How gentle is Alexandra when she hears of Felicity’s
distress! ‘Be gentle with her,’ she tells the senior nuns. ‘Plainly
she is undergoing a nervous crisis. A thimble after all — a thimble. I
wouldn’t be surprised if she has not herself, in a moment of unconscious desire to
pitch all her obsessive needlework to hell and run away with her lover, mislaid the
ridiculous thimble. Be gentle. It is beautiful to be gentle with those who suffer. There
is no beauty in the world so great as beauty of action. It stands, contained in its own
moment, from everlasting to everlasting.’
Winifrede, cloudily recognizing the very truth of Alexandra’s words, is yet
uncertain what reason Alexandra might have for uttering them at this moment Walburga and
Mildred stand silently in the contemplative hush while Alexandra leaves them to continue
their contemplations. For certainly Alexandra means what she says, not wishing her
spirit to lose serenity before God nor her destiny to be the Abbess of Crewe. Very soon
the whole community has been informed of these thoughts of the noble Alexandra and
marvel a little that, with the election so close at hand, she exhorts gentleness towards
her militant rival.
Felicity’s rage all the next day shakes her little body to shrieking point. There
is a plot, there is a plot, against me, is the main theme of all she says to her sewing
companions between the Hours of Lauds and Prime, Prime and Terce, Terce and Sext. In the
afternoon, she takes to her bed, while her bewildered friends hunt the thimble and are
well overheard in the control room in all their various exchanges and conjectures.
Towards evening Walburga reports to Alexandra, ‘Her supporters are wavering. The
nasty little bitch can’t stand our gentleness.’
‘You know, Walburga,’ Alexandra muses, ‘from this moment on, you may
not report such things to me. Everything now is in your hands and those of Sister
Mildred; you are together with Fathers Baudouin and Maximilian, and you are with the aid
of Winifrede. I must remain in the region of unknowing. Proceed but don’t tell me.
I refuse to be told, such knowledge would not become me; I am to be the Abbess of Crewe,
not a programmed computer.’
Felicity lies on her hard bed and at the midnight bell she rises for Matins. My God,
there is a moving light in the sewing-room window! Felicity slips out of the file of
black-cloaked nuns who make their hushed progress to the chapel. Alexandra leads.

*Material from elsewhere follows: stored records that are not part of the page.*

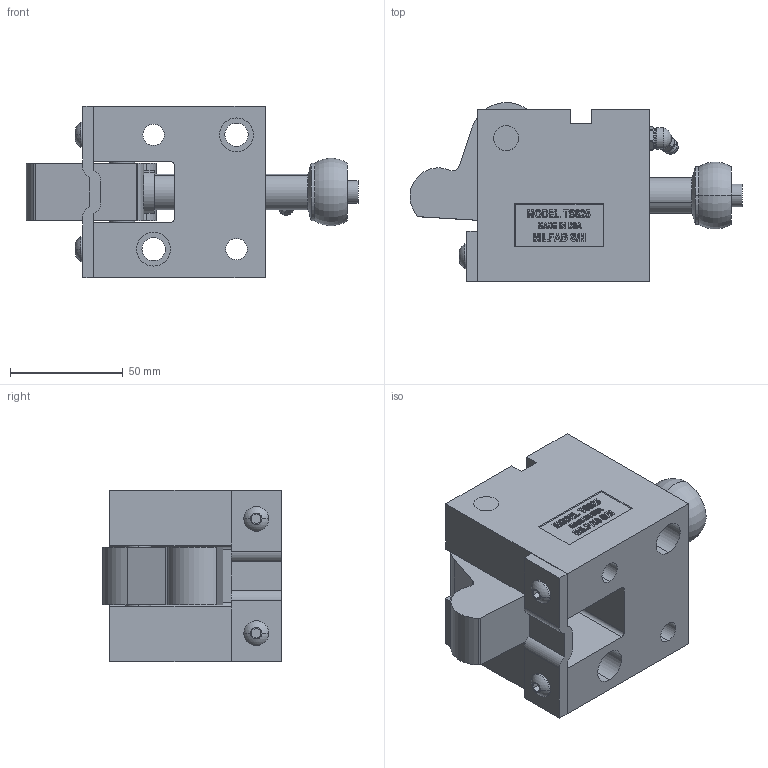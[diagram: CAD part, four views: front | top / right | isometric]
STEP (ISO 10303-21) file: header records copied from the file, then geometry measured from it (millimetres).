
FILE_DESCRIPTION (( 'STEP AP214' ), '1' );
FILE_NAME ('TS62545-C.STEP', '2014-01-05T21:13:26', ( 'user' ), ( '' ), 'SwSTEP 2.0', 'SolidWorks 2009', '' );
FILE_SCHEMA (( 'AUTOMOTIVE_DESIGN' ));
Length unit declared in the file: inch
Products named in the file (11): 1-4 SCREW; 625-I-STRAP; S625-PUNCH; 625 STRIPPER CLOSED; I-625-POINT; TS625-BODY; 625 PIVOT PIN; 625-WASHER; TS62545-C; GREASE ZERK; 625-OFFSET TRIGGER
Assembly tree (11 placements, depth 2):
  TS62545-C
    625 PIVOT PIN
    625-OFFSET TRIGGER
    I-625-POINT
    1-4 SCREW  x2
    GREASE ZERK
    S625-PUNCH
    TS625-BODY
    625-I-STRAP
    625 STRIPPER CLOSED
    625-WASHER
Bounding box: 147.5 x 79.37 x 76.2 mm (x, y, z)
Volume: 409764.4 mm3; surface area: 79349.2 mm2
Topology: 11 solids, 11 shells, 582 faces, 1505 edges, 988 vertices
Faces by surface type: plane 334, bspline 104, cylinder 88, cone 30, torus 22, sphere 4
Entity records: 23466 total; most frequent: CARTESIAN_POINT 9828, ORIENTED_EDGE 2922, DIRECTION 2337, EDGE_CURVE 1461, VERTEX_POINT 962, VECTOR 953, LINE 953, AXIS2_PLACEMENT_3D 692

Walburga and Mildred are absent. There is a light in the sewing-room, moving as if
someone is holding an electric torch.
The nuns are assembled in the chapel but Felicity stands on the lawn, gazing upward, and
eventually she creeps back to the house and up the stairs.
So it is that she comes upon the two young men rifling her work-box. They have found the
secret compartment. One of the young men holds in his hand Felicity’s
love-letters. Screaming, Felicity retreats, locks the door with the intruders inside,
runs to the telephone and calls the police.